Ion implantation is a standard technique for introducing impurities into substrates. During an ion implantation process, a desired impurity material is typically ionized in an ion source, the resultant ions are accelerated to form an ion beam of prescribed energy, and the ion beam is then directed at a surface of a substrate, such as a silicon wafer. Constituent ions in the ion beam may be referred to as “beam ions” or “dopant ions.”
The beam ions typically penetrate into the target substrate and lose energy by interacting with electrons in the substrate (a mechanism known as “electronic stopping”) or by undergoing collisions with the substrate nuclei (a mechanism known as “nuclear stopping”). Electronic stopping can be analogized to a viscous drag on the ions, and does not lead to permanent damages to the substrate's crystal lattice. In contrast, nuclear stopping may lead to the displacement of a substrate atom, leaving a vacancy in the lattice. The displaced atom may become an interstitial, i.e., located at a site between lattice positions of atoms in the substrate's crystal structure. A vacancy-interstitial pair formed when an atom is displaced from a lattice site to an interstitial site is referred to as a “Frenkel pair.” One beam ion may undergo many nuclear collisions, and the resulting displaced atoms may themselves have enough energy to undergo their own nuclear collisions and create further displaced atoms, which phenomenon is known as “collision cascade.”

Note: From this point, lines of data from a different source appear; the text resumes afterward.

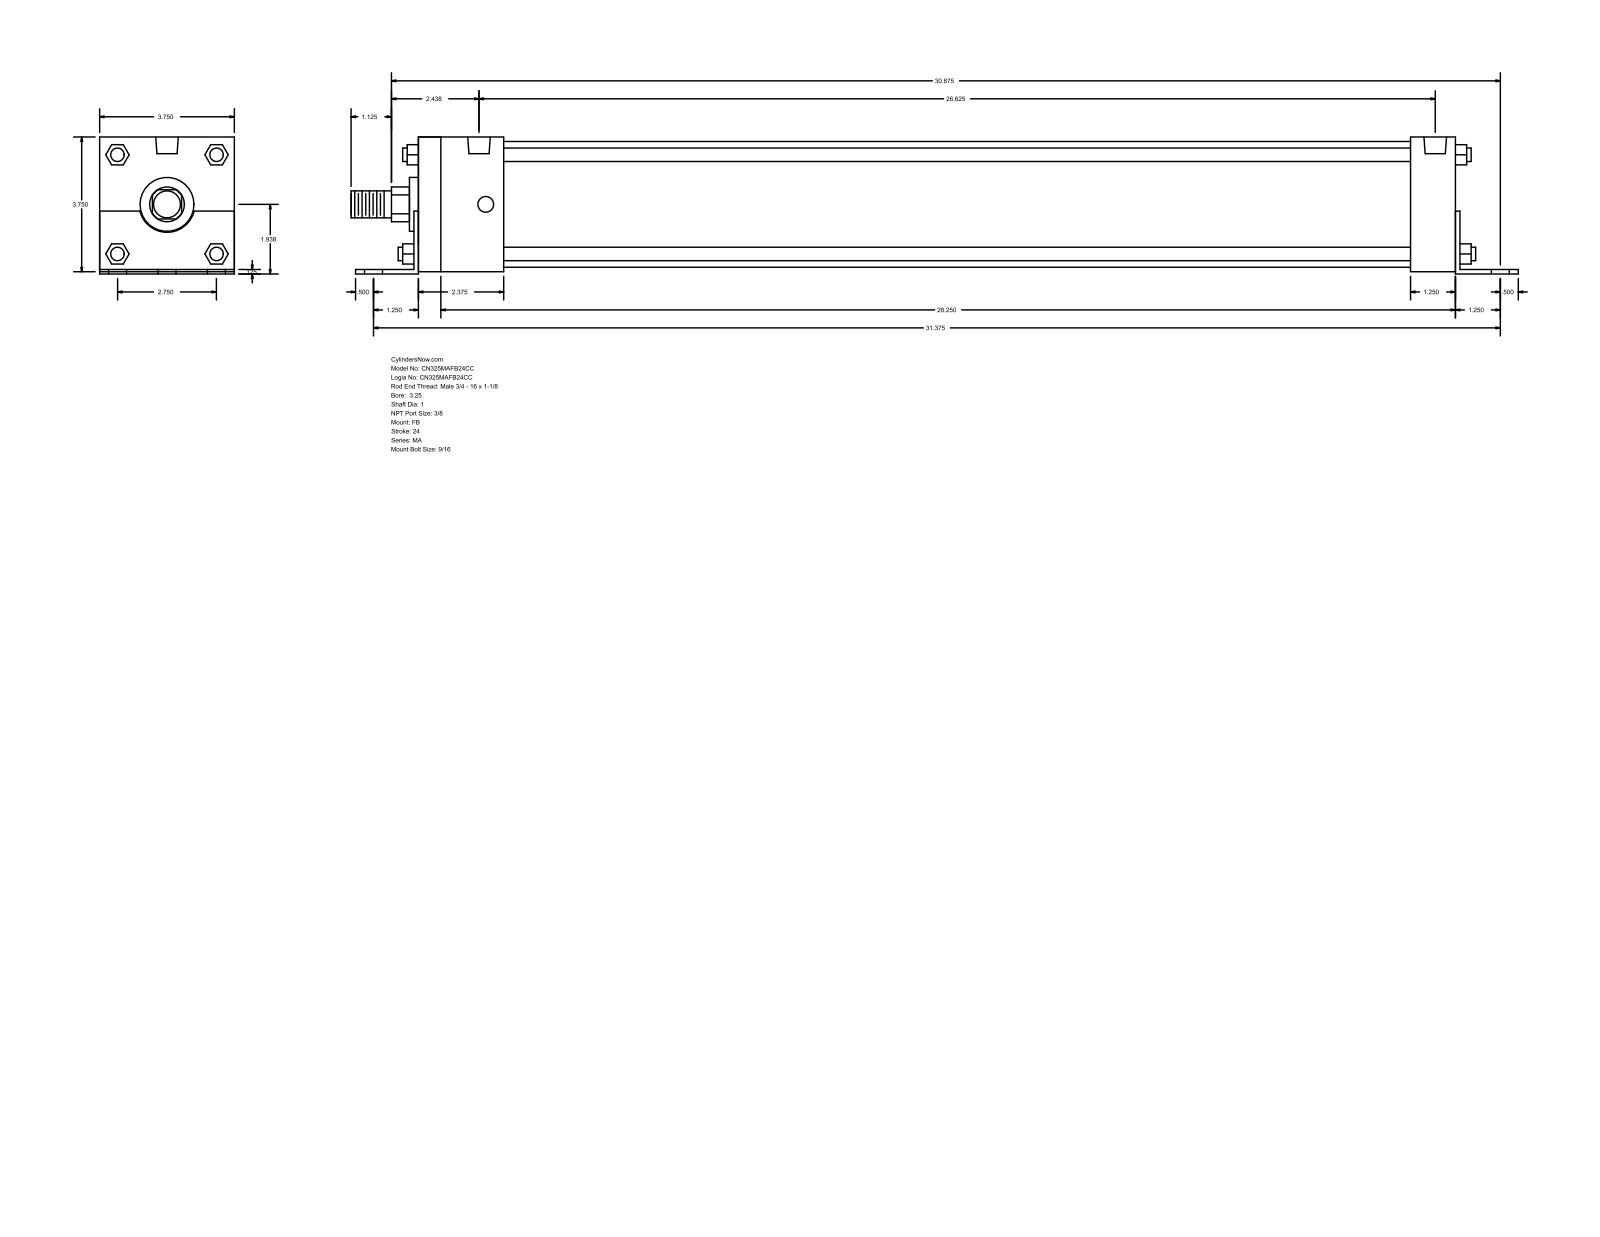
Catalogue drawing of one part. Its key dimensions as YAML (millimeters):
part_name: "MA_FB__0325_1"
step_written_by: "GSSL Pune (CONFIG_CONTROL_DESIGN)"
units: millimeters
bodies: {solids: 0, faces: 140, planar: 105, cylindrical: 35, other: 0}
overall_size: [825.5, 96.84, 95.25]
round_holes:
  - {diameter: 14.29, count: 6}
  - {diameter: 11.11, count: 4}
  - {diameter: 15.93, count: 2}
round_bosses_or_shafts:
  - {diameter: 9.53, count: 4}
  - {diameter: 88.9, count: 1}
  - {diameter: 38.1, count: 1}
  - {diameter: 25.4, count: 1}
  - {diameter: 19.05, count: 1}
partial_cylinders:
  - {radius: 12.29, count: 1}
  - {radius: 19.81, count: 1}
face_to_face_distances: [95.24, 3.17, 1.59, 96.83, 1.58, 93.66, 736.6, 733.43, 739.77, 704.85]
hole_center_spacings: [34.92, 797.69, 796.93, 57.78, 61.65, 69.84, 82.38, 86.71]

When the beam ions and all the displaced atoms have come to a rest, the crystal structure of the substrate will contain primary damages, consisting of vacancies and interstitials. The interstitials tend to be knocked deeper into the substrate by the beam ion collisions, and so the damage associated with the interstitials accumulates at ranges associated with the deepest depth (end of range) attained by the dopant ions. The extent of primary damages formed depends on various characteristics of the ion beam, such as beam energy, ion mass, total implanted dose, and implanted dose rate, and on characteristics of the substrate such as atomic composition, mass and crystal orientation with respect to the ion beam.
Once formed, interstitials and vacancies can diffuse through the substrate. If a vacancy and an interstitial interact, they may recombine, reverting to the original crystal lattice. Alternatively, a vacancy and an interstitial can recombine in such a way as to leave a defect in the lattice. If multiple vacancies, or interstitials, interact with each other, they may form other stable, secondary damage structures. If the damage in a region of the lattice reaches a critical density, the crystal converts into a metastable state, known as amorphous silicon. The diffusivity of the vacancies and interstitials, and therefore rate of damage repair during the ion implantation, are often enhanced as the substrate temperature increases. Substrate temperature is therefore an important parameter that may influence the amount and characteristics of damage remaining after an ion implantation process.
Low-temperature ion implantation has been investigated as a technique for achieving ultra-shallow junctions needed in modern complementary metal-oxide-semiconductor (CMOS) devices. Most low-temperature ion implantation approaches so far have focused on a simplistic goal of lowering wafer temperature as much as possible. There has not been any serious attempt to closely monitor or precisely control wafer temperatures during ion implantation. It is generally considered sufficient if the wafer temperature is below some preset upper limit.
In a production environment it is important that each process step has reproducible results. This applies to the same process (or recipe) carried out over time on a single ion implanter and to the same process carried out on two or more different ion implanters. Until now, controlling parameters such as beam energy, beam current, and beam current density have been sufficient to keep tight enough tolerances on device performance. Wafer temperature and wafer temperature profile have not been treated as critical process parameters. As the critical dimensions of CMOS devices grow smaller, tighter control of ion implantation processes are demanded.
In view of the foregoing, it would be desirable to provide a solution for temperature-controlled ion implantation which overcomes the above-described inadequacies and shortcomings.